И Регина стала легкой-легкой, как воздушный шарик.

С началом учебы их встречи сделались редкими. Зоммерфельды – у семьи имелся покровитель в высоких кругах – «поступили» сына в ЛУМО, на факультет теории власти. Ближайшее отделение ЛУМО располагалось в Орцвальде, далеко от Лусса, где училась Регина – так далеко, что не очень-то поездишь друг к другу. Ник, студент-международник, при любой оказии вырывался в Лусс, но очная форма обучения сводила число оказий до минимума. Каникулы, да еще государственные праздники. Находясь рядом с Региной, млея от счастья, Ник тем не менее, как заведенный, бубнил из учебника:

– …подответвление этногенетических наук включает в себя две науки 1-го порядка: номологию, то есть правоведение, и политику. Политику составляют две науки 2-го порядка: теория власти и ценольбология…

– Ты совсем как мама! – сердилась Регина. – Помолчи хоть минутку!

– …науки 3-го порядка, – отвечал Ник, кивая, – как то кибернетика, или наука об управлении, дипломатия и этнодицея, занимающаяся правами народов, составляют…

– Ах, так? Замечу вам, любезный, мой, что α-мотонейроны образуют прямые связи с чувствительными путями, идущими от экстрафузальных волокон мышечного веретена, имеют до 20 000 синапсов на своих дендритах и характеризуются низкой частотой…
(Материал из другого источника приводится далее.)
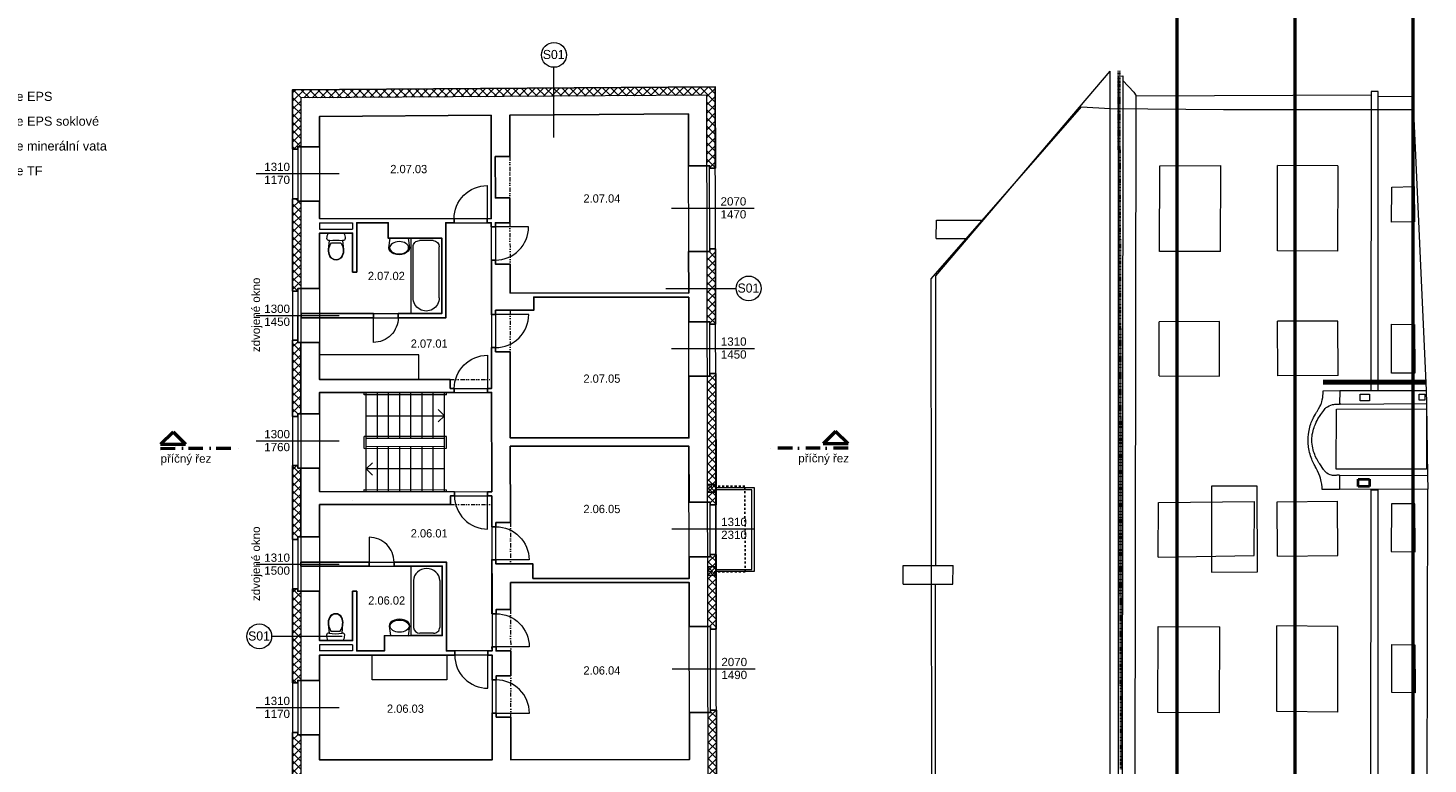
# Model space of a CAD drawing. Extents: x 9439 to 77518, y -36542 to 26174.
# Tile 6 of 7: x 43657 to 77470, y -8940 to 8852. Entities that reach past the tile are written whole.
import ezdxf

# ---------------------------------------------------------------- set-up
doc = ezdxf.new("R2010")
doc.units = 0
doc.header["$MEASUREMENT"] = 0
doc.set_wipeout_variables(frame=1)
for name, pattern in [('DGN Style 4', [0.565042, 0.282344, -0.141172, 0.000352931, -0.141172]), ('Wipeout_Contour', [1000, 0, -1000]), ('Čerchovaná', [670.277762, 352.777767, -176.388884, 0, -141.111112]), ('Čerchovaná se dvěma tečkami S', [250, 100, -40, 15, -40, 15, -40]), ('čárkovaná S', [100, 50, -50])]:
    doc.linetypes.add(name, pattern=pattern)
for name, color, linetype, lineweight in [('0_Číslo_pera__6', 190, 'Continuous', 70), ('2D BOD_Číslo_pera__1', 7, 'Continuous', 15), ('2D BOD_Číslo_pera__2', 1, 'Continuous', 25), ('2D VÝPLNĚ_Číslo_pera__4', 91, 'Continuous', 13), ('2D ČÁRY_Číslo_pera__1', 7, 'Continuous', 15), ('2D ČÁRY_Číslo_pera__2', 1, 'Continuous', 25), ('2D ČÁRY_Číslo_pera__3', 150, 'Continuous', 13), ('2D ČÁRY_Číslo_pera__5', 231, 'Continuous', 50), ('blok I_hromosvody_Číslo_pera__4', 91, 'Continuous', 13), ('blok I_okapy_Číslo_pera__5', 231, 'Continuous', 50), ('blok I_pohled2_ADSL_Číslo_pera__1', 7, 'Continuous', 15), ('blok I_pohled2_fasáda_Číslo_pera__1', 7, 'Continuous', 15), ('blok I_pohled2_fasáda_Číslo_pera__7', 7, 'Continuous', 20), ('blok I_pohled2_okna_Číslo_pera__3', 150, 'Continuous', 13), ('blok I_pohled2_střecha_Číslo_pera__1', 7, 'Continuous', 15), ('blok I_pohled4_terén_Číslo_pera__4', 91, 'Continuous', 13), ('komín_Číslo_pera__1', 7, 'Continuous', 15), ('NÁBYTEK A ZAŘÍZENÍ_Číslo_pera__3', 150, 'Continuous', 13), ('POZNÁMKY.TEXT_Číslo_pera__4', 91, 'Continuous', 13), ('zdi_Číslo_pera__1', 7, 'Continuous', 15), ('Č.M.', 6, 'Continuous', 13)]:
    doc.layers.add(name, color=color, linetype=linetype, lineweight=lineweight)
for name, color, linetype in [('2D ČÁRY', 7, 'Continuous'), ('NÁBYTEK A ZAŘÍZENÍ', 7, 'Continuous'), ('vodorovné konstrukce', 7, 'Continuous')]:
    doc.layers.add(name, color=color, linetype=linetype)
for name, color, linetype, lineweight, true_color in [('blok I_komíny_Číslo_pera__252', 7, 'Continuous', 13, 0x917be6), ('blok I_pohled2_terén_Číslo_pera__30', 7, 'Continuous', 13, 0xfed4ff), ('blok I_pohled2_zvonky_Číslo_pera__32', 7, 'Continuous', 40, 0x000066), ('vodorovné konstrukce_Číslo_pera__241', 9, 'Continuous', 13, 0x808080)]:
    doc.layers.add(name, color=color, linetype=linetype, lineweight=lineweight, true_color=true_color)
doc.styles.add('GENERATED_STYLE_2', font='arial.ttf')
doc.styles.add('GENERATED_STYLE_3', font='txt')
pattern_1 = [(45, (0, 0), (-98.99495, 98.99495), []), (135, (0, 0), (98.99495, 98.99495), [])]

# ---------------------------------------------------------------- blocks, each defined once
blk = doc.blocks.new('WC s nádržkou 1 11_2')
at = {"linetype": 'Wipeout_Contour', "ltscale": 15629.429493}
blk.add_wipeout([(31, 650), (18, 619), (8, 587), (2, 554), (0, 520), (5, 498), (20, 479), (40, 469), (64, 469), (41, 257), (39, 215), (44, 173), (54, 132), (70, 92), (97, 54), (132, 25), (174, 6), (220, 0), (266, 6), (308, 25), (343, 54), (370, 92), (386, 132), (396, 173), (401, 215), (399, 257), (376, 469), (400, 469), (420, 479), (435, 498), (440, 520), (438, 554), (432, 587), (422, 619), (409, 650)], dxfattribs=at).dxf.layer = 'NÁBYTEK A ZAŘÍZENÍ'
at = {"layer": 'NÁBYTEK A ZAŘÍZENÍ_Číslo_pera__3', "linetype": 'Continuous'}
for p, q in [((2, 554), (0, 520)), ((0, 520), (5, 498)), ((8, 587), (2, 554)), ((5, 498), (20, 479)), ((18, 619), (8, 587)), ((31, 650), (18, 619)), ((20, 479), (40, 469)), ((409, 650), (31, 650)), ((40, 469), (64, 469)), ((64, 469), (41, 257)), ((68, 341), (56, 299)), ((86, 381), (68, 341)), ((107, 419), (86, 381)), ((333, 419), (107, 419)), ((354, 381), (333, 419)), ((372, 341), (354, 381)), ((384, 299), (372, 341)), ((399, 257), (376, 469)), ((376, 469), (400, 469)), ((400, 469), (420, 479)), ((422, 619), (409, 650)), ((420, 479), (435, 498)), ((432, 587), (422, 619)), ((438, 554), (432, 587)), ((435, 498), (440, 520)), ((440, 520), (438, 554)), ((41, 257), (39, 215)), ((39, 215), (44, 173)), ((44, 173), (54, 132)), ((49, 256), (47, 215)), ((47, 215), (52, 174)), ((56, 299), (49, 256)), ((52, 174), (62, 134)), ((54, 132), (70, 92)), ((62, 134), (78, 96)), ((70, 92), (97, 54)), ((78, 96), (102, 60)), ((97, 54), (132, 25)), ((102, 60), (136, 32)), ((132, 25), (174, 6)), ((136, 32), (176, 14)), ((174, 6), (220, 0)), ((176, 14), (220, 8)), ((220, 8), (264, 14)), ((220, 0), (266, 6)), ((264, 14), (304, 32)), ((266, 6), (308, 25)), ((304, 32), (338, 60)), ((308, 25), (343, 54)), ((338, 60), (362, 96)), ((343, 54), (370, 92)), ((362, 96), (378, 134)), ((370, 92), (386, 132)), ((378, 134), (388, 174)), ((391, 256), (384, 299)), ((386, 132), (396, 173)), ((388, 174), (393, 215)), ((393, 215), (391, 256)), ((396, 173), (401, 215)), ((401, 215), (399, 257))]:
    blk.add_line(p, q, dxfattribs=at)
blk.add_ellipse((220, -298), major_axis=(785, 0), ratio=0.9963, start_param=1.370375, end_param=1.771221, dxfattribs=at)
blk = doc.blocks.new('Vana 01 11_2')
at = {"layer": 'NÁBYTEK A ZAŘÍZENÍ_Číslo_pera__3', "linetype": 'Continuous'}
for p, q in [((0, 0), (0, 750)), ((0, 750), (1826, 750)), ((1445, 690), (213, 690)), ((1826, 750), (1826, 0)), ((61, 210), (61, 540)), ((0, 0), (1826, 0)), ((1445, 60), (213, 60))]:
    blk.add_line(p, q, dxfattribs=at)
for centre, major_axis, start_param, end_param in [((213, 540), (152, 0), 1.570796, 3.141593), ((1445, 375), (319, 0), 4.712389, 7.853982), ((213, 210), (152, 0), 3.141593, 4.712389)]:
    blk.add_ellipse(centre, major_axis=major_axis, ratio=0.985946, start_param=start_param, end_param=end_param, dxfattribs=at)
blk = doc.blocks.new('Umyvadlo oválné 11_3')
at = {"linetype": 'Wipeout_Contour', "ltscale": 6090.690526}
blk.add_wipeout([(0, 169), (2, 146), (9, 124), (19, 104), (43, 74), (73, 49), (129, 22), (188, 6), (250, 0), (312, 6), (371, 22), (427, 49), (457, 74), (481, 104), (491, 124), (498, 146), (500, 169), (469, 400), (31, 400), (-1, 169)], dxfattribs=at).dxf.layer = 'NÁBYTEK A ZAŘÍZENÍ'
at = {"layer": 'NÁBYTEK A ZAŘÍZENÍ_Číslo_pera__3', "linetype": 'Continuous'}
for p, q in [((31, 400), (-1, 169)), ((32, 400), (31, 400)), ((469, 400), (31, 400)), ((469, 400), (468, 400)), ((500, 169), (469, 400))]:
    blk.add_line(p, q, dxfattribs=at)
blk.add_ellipse((249, 169), major_axis=(-250, 0), ratio=0.674026, start_param=0, end_param=3.141593, dxfattribs=at)
blk.add_ellipse((250, 169), major_axis=(-229, 0), ratio=0.643386, dxfattribs=at)
blk = doc.blocks.new('WC s nádržkou 1 11')
at = {"linetype": 'Wipeout_Contour', "ltscale": 15629.429493}
blk.add_wipeout([(31, 650), (18, 619), (8, 587), (2, 554), (0, 520), (5, 498), (20, 479), (40, 469), (64, 469), (41, 257), (39, 215), (44, 173), (54, 132), (70, 92), (97, 54), (132, 25), (174, 6), (220, 0), (266, 6), (308, 25), (343, 54), (370, 92), (386, 132), (396, 173), (401, 215), (399, 257), (376, 469), (400, 469), (420, 479), (435, 498), (440, 520), (438, 554), (432, 587), (422, 619), (409, 650)], dxfattribs=at).dxf.layer = 'NÁBYTEK A ZAŘÍZENÍ'
at = {"layer": 'NÁBYTEK A ZAŘÍZENÍ_Číslo_pera__3', "linetype": 'Continuous'}
for p, q in [((2, 554), (0, 520)), ((0, 520), (5, 498)), ((8, 587), (2, 554)), ((5, 498), (20, 479)), ((18, 619), (8, 587)), ((31, 650), (18, 619)), ((20, 479), (40, 469)), ((409, 650), (31, 650)), ((40, 469), (64, 469)), ((64, 469), (41, 257)), ((68, 341), (56, 299)), ((86, 381), (68, 341)), ((107, 419), (86, 381)), ((333, 419), (107, 419)), ((354, 381), (333, 419)), ((372, 341), (354, 381)), ((384, 299), (372, 341)), ((399, 257), (376, 469)), ((376, 469), (400, 469)), ((400, 469), (420, 479)), ((422, 619), (409, 650)), ((420, 479), (435, 498)), ((432, 587), (422, 619)), ((438, 554), (432, 587)), ((435, 498), (440, 520)), ((440, 520), (438, 554)), ((41, 257), (39, 215)), ((39, 215), (44, 173)), ((44, 173), (54, 132)), ((49, 256), (47, 215)), ((47, 215), (52, 174)), ((56, 299), (49, 256)), ((52, 174), (62, 134)), ((54, 132), (70, 92)), ((62, 134), (78, 96)), ((70, 92), (97, 54)), ((78, 96), (102, 60)), ((97, 54), (132, 25)), ((102, 60), (136, 32)), ((132, 25), (174, 6)), ((136, 32), (176, 14)), ((174, 6), (220, 0)), ((176, 14), (220, 8)), ((220, 8), (264, 14)), ((220, 0), (266, 6)), ((264, 14), (304, 32)), ((266, 6), (308, 25)), ((304, 32), (338, 60)), ((308, 25), (343, 54)), ((338, 60), (362, 96)), ((343, 54), (370, 92)), ((362, 96), (378, 134)), ((370, 92), (386, 132)), ((378, 134), (388, 174)), ((391, 256), (384, 299)), ((386, 132), (396, 173)), ((388, 174), (393, 215)), ((393, 215), (391, 256)), ((396, 173), (401, 215)), ((401, 215), (399, 257))]:
    blk.add_line(p, q, dxfattribs=at)
blk.add_ellipse((220, -298), major_axis=(785, 0), ratio=0.9963, start_param=1.370375, end_param=1.771221, dxfattribs=at)
blk = doc.blocks.new('Vana 01 11_4')
at = {"layer": 'NÁBYTEK A ZAŘÍZENÍ_Číslo_pera__3', "linetype": 'Continuous'}
for p, q in [((0, 0), (0, 751)), ((0, 751), (1678, 751)), ((1329, 691), (196, 691)), ((1678, 751), (1678, 0)), ((56, 210), (56, 541)), ((0, 0), (1678, 0)), ((1329, 60), (196, 60))]:
    blk.add_line(p, q, dxfattribs=at)
for centre, major_axis, start_param, end_param in [((196, 541), (0, 150), 0, 1.570796), ((1329, 375), (0, 315), 3.141593, 6.283185), ((196, 210), (0, 150), 1.570796, 3.141593)]:
    blk.add_ellipse(centre, major_axis=major_axis, ratio=0.931448, start_param=start_param, end_param=end_param, dxfattribs=at)
blk = doc.blocks.new('Umyvadlo oválné 11_4')
at = {"linetype": 'Wipeout_Contour', "ltscale": 6090.690526}
blk.add_wipeout([(0, 169), (2, 146), (9, 124), (19, 104), (43, 74), (73, 49), (129, 22), (188, 6), (250, 0), (312, 6), (371, 22), (427, 49), (457, 74), (481, 104), (491, 124), (498, 146), (500, 169), (469, 400), (31, 400), (-1, 169)], dxfattribs=at).dxf.layer = 'NÁBYTEK A ZAŘÍZENÍ'
at = {"layer": 'NÁBYTEK A ZAŘÍZENÍ_Číslo_pera__3', "linetype": 'Continuous'}
for p, q in [((31, 400), (-1, 169)), ((32, 400), (31, 400)), ((469, 400), (31, 400)), ((469, 400), (468, 400)), ((500, 169), (469, 400))]:
    blk.add_line(p, q, dxfattribs=at)
blk.add_ellipse((249, 169), major_axis=(-250, 0), ratio=0.674026, start_param=0, end_param=3.141593, dxfattribs=at)
blk.add_ellipse((250, 169), major_axis=(-229, 0), ratio=0.643386, dxfattribs=at)
blk = doc.blocks.new('LINE_13061', base_point=(51242, -5854))
at = {"layer": 'vodorovné konstrukce_Číslo_pera__241', "linetype": 'Continuous'}
blk.add_line((51242, -5854), (49542, -5854), dxfattribs=at)
blk.add_circle((49242, -5854), 300, dxfattribs=at)
blk = doc.blocks.new('LINE_13063', base_point=(56360, 6201))
at = {"layer": 'vodorovné konstrukce_Číslo_pera__241', "linetype": 'Continuous'}
blk.add_line((56360, 6201), (56360, 7901), dxfattribs=at)
blk.add_circle((56360, 8201), 300, dxfattribs=at)
blk = doc.blocks.new('LINE_13307', base_point=(59062, 2556))
at = {"layer": 'vodorovné konstrukce_Číslo_pera__241', "linetype": 'Continuous'}
blk.add_line((59062, 2556), (60762, 2556), dxfattribs=at)
blk.add_circle((61062, 2556), 300, dxfattribs=at)
blk = doc.blocks.new('LINE_13733', base_point=(53715, -1807))
at = {"layer": '2D ČÁRY_Číslo_pera__3', "linetype": 'Continuous'}
for p, q in [((51825, -1807), (51975, -1657)), ((53715, -1807), (51825, -1807)), ((51825, -1807), (51975, -1957))]:
    blk.add_line(p, q, dxfattribs=at)
blk = doc.blocks.new('LINE_13734', base_point=(51825, -520))
at = {"layer": '2D ČÁRY_Číslo_pera__3', "linetype": 'Continuous'}
for p, q in [((51825, -520), (53715, -520)), ((53715, -520), (53565, -370)), ((53715, -520), (53565, -670))]:
    blk.add_line(p, q, dxfattribs=at)

msp = doc.modelspace()

# ---------------------------------------------------------------- hatches: boundary and pattern name
at = {"layer": '2D VÝPLNĚ_Číslo_pera__4', "linetype": 'Continuous'}
h = msp.add_hatch(dxfattribs=at)
h.set_pattern_fill('TEPELNA_IZOLACE_EPS', color=256, style=0, pattern_type=2)
h.set_pattern_definition(pattern_1)
h.paths.add_polyline_path([(59996, 7226), (60056, 7226), (60059, 5523), (60119, 5523), (60120, 5463), (60260, 5463), (60256, 7427), (50048, 7359), (50048, 5922), (50172, 5922), (50172, 5982), (50248, 5982), (50248, 7160)], flags=0)
h = msp.add_hatch(dxfattribs=at)
h.set_pattern_fill('TEPELNA_IZOLACE_EPS', color=256, style=0, pattern_type=2)
h.set_pattern_definition(pattern_1)
h.paths.add_polyline_path([(50048, 2491), (50172, 2491), (50172, 2551), (50248, 2551), (50248, 4666), (50172, 4666), (50172, 4726), (50048, 4726)], flags=0)
h = msp.add_hatch(dxfattribs=at)
h.set_pattern_fill('TEPELNA_IZOLACE_EPS', color=256, style=0, pattern_type=2)
h.set_pattern_definition(pattern_1)
h.paths.add_polyline_path([(60263, 3511), (60123, 3510), (60123, 3450), (60063, 3450), (60064, 1752), (60124, 1752), (60124, 1692), (60264, 1693)], flags=0)
h = msp.add_hatch(dxfattribs=at)
h.set_pattern_fill('TEPELNA_IZOLACE_EPS', color=256, style=0, pattern_type=2)
h.set_pattern_definition(pattern_1)
h.paths.add_polyline_path([(50048, 1307), (50048, -538), (50172, -538), (50172, -478), (50248, -478), (50248, 1247), (50172, 1247), (50172, 1307)], flags=0)
h = msp.add_hatch(dxfattribs=at)
h.set_pattern_fill('TEPELNA_IZOLACE_EPS', color=256, style=0, pattern_type=2)
h.set_pattern_definition(pattern_1)
h.paths.add_polyline_path([(60134, -2672), (60274, -2672), (60268, 499), (60128, 499), (60128, 439), (60068, 439), (60074, -2612), (60134, -2612)], flags=0)
h = msp.add_hatch(dxfattribs=at)
h.set_pattern_fill('TEPELNA_IZOLACE_EPS', color=256, style=0, pattern_type=2)
h.set_pattern_definition(pattern_1)
h.paths.add_polyline_path([(50248, -3451), (50248, -1787), (50172, -1787), (50172, -1727), (50048, -1727), (50048, -3511), (50172, -3511), (50172, -3451)], flags=0)
h = msp.add_hatch(dxfattribs=at)
h.set_pattern_fill('TEPELNA_IZOLACE_EPS', color=256, style=0, pattern_type=2)
h.set_pattern_definition(pattern_1)
h.paths.add_polyline_path([(60276, -3872), (60136, -3873), (60136, -3933), (60076, -3933), (60079, -5618), (60139, -5618), (60139, -5677), (60279, -5677)], flags=0)
h = msp.add_hatch(dxfattribs=at)
h.set_pattern_fill('TEPELNA_IZOLACE_EPS', color=256, style=0, pattern_type=2)
h.set_pattern_definition(pattern_1)
h.paths.add_polyline_path([(50048, -6977), (50172, -6977), (50172, -6917), (50248, -6917), (50248, -4764), (50172, -4764), (50172, -4704), (50048, -4704)], flags=0)
h = msp.add_hatch(dxfattribs=at)
h.set_pattern_fill('TEPELNA_IZOLACE_EPS', color=256, style=0, pattern_type=2)
h.set_pattern_definition(pattern_1)
h.paths.add_polyline_path([(60282, -7635), (60142, -7636), (60142, -7696), (60082, -7696), (60088, -10869), (60148, -10869), (60148, -10929), (60288, -10928)], flags=0)
h = msp.add_hatch(dxfattribs=at)
h.set_pattern_fill('TEPELNA_IZOLACE_EPS', color=256, style=0, pattern_type=2)
h.set_pattern_definition(pattern_1)
h.paths.add_polyline_path([(50248, -9920), (50248, -8234), (50172, -8234), (50172, -8174), (50048, -8174), (50048, -9980), (50172, -9980), (50172, -9920)], flags=0)

# ---------------------------------------------------------------- linework, layer by layer
at = {"layer": '0_Číslo_pera__6', "linetype": 'Continuous'}
msp.add_line((74936, 287), (77425, 290), dxfattribs=at)
at = {"layer": '2D BOD_Číslo_pera__1', "linetype": 'Continuous', "flags": 128}
for points in [[(60073, -2373), (60073, -2173), (60273, -2173), (60273, -2373)], [(60273, -4288), (60273, -2258), (61193, -2258), (61193, -4288)], [(60273, -4238), (61143, -4238), (61143, -2308), (60273, -2308)], [(60073, -4173), (60073, -4373), (60273, -4373), (60273, -4173)]]:
    msp.add_lwpolyline(points, close=True, dxfattribs=at)
at = {"layer": '2D BOD_Číslo_pera__2', "linetype": 'Continuous', "flags": 128}
for points in [[(59609, 5523), (60119, 5523), (60120, 5463), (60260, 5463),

Время летело незаметно. Когда любишь, мелкие ссоры лишь добавляют перчику в отношения. Иногда Регина задумывалась над причинами верности Ника. Ребенок, мальчик, подросток, юноша; молодой человек. Десять с лишним лет ожидания. Гормоны бьют ключом. Вокруг толпы дивных цыпочек. Ник – парень хоть куда, на такого гроздьями вешаются. А он стряхивает гроздья, он ждет, надеется… Любовь? Или на «космической свадьбе» ты, флейтистка драная, всё же что-то нарушила в мозгу Николаса Зоммерфельда? Первый ментальный прорыв – самый сильный, никому из телепатов не суждено достигнуть подобного уровня за всю жизнь. Можно приблизиться, угробив десятки лет на обучение и тренировки, но сравняться нельзя. Мощнейший подавитель не сумеет полностью контролировать такую большую группу объектов, какую играючи «взяла» малышка Ри. Про феномен «инициативного выхода из скорлупы» написана уйма монографий; увы, причины неизвестны до сих пор.

Радуйся, подруга – вечный детский сад, любовь до гроба.

Радуюсь, соглашалась Регина.

«Ник, ты хочешь, чтобы я была невестой.»

«Ага, хочу!»

Проверь, шептало сомнение. Поройся, разгреби завалы; посмотри – что да как. Чего ты боишься? Да, Зоммерфельды по сей день регулярно показывают сына маркизу Трессау. Да, опытный психир не фиксирует патологии. Ну и что? Трессау не получал образования на Сякко, он может ошибиться. У тебя вообще нет диплома психира? Глупенькая! Любящий глаз и без диплома заметит пустячок, ускользнувший от врача. Проверь, убедись…

Нет, отвечала Регина.

Почему?

Потому что я выбрала, и значит, я права. Выбирающий всегда прав. А сомневающийся всегда в убытке.

Кто это сказал?

Это сказал Ник. И хватит разговоров.

III

– Хочу кофе.

– Сейчас.

– Ты куда?

– За кофе.

– Ты с ума сошел? Зачем ты одеваешься?

– Ты хочешь, чтобы я спустился вниз голым?

– Вниз? Нет, ты и впрямь рехнулся. Набери на панели заказа код, возьми из «доставки» чашку кофе и принеси мне в постель. Я люблю со взбитым желтком и капелькой ликера.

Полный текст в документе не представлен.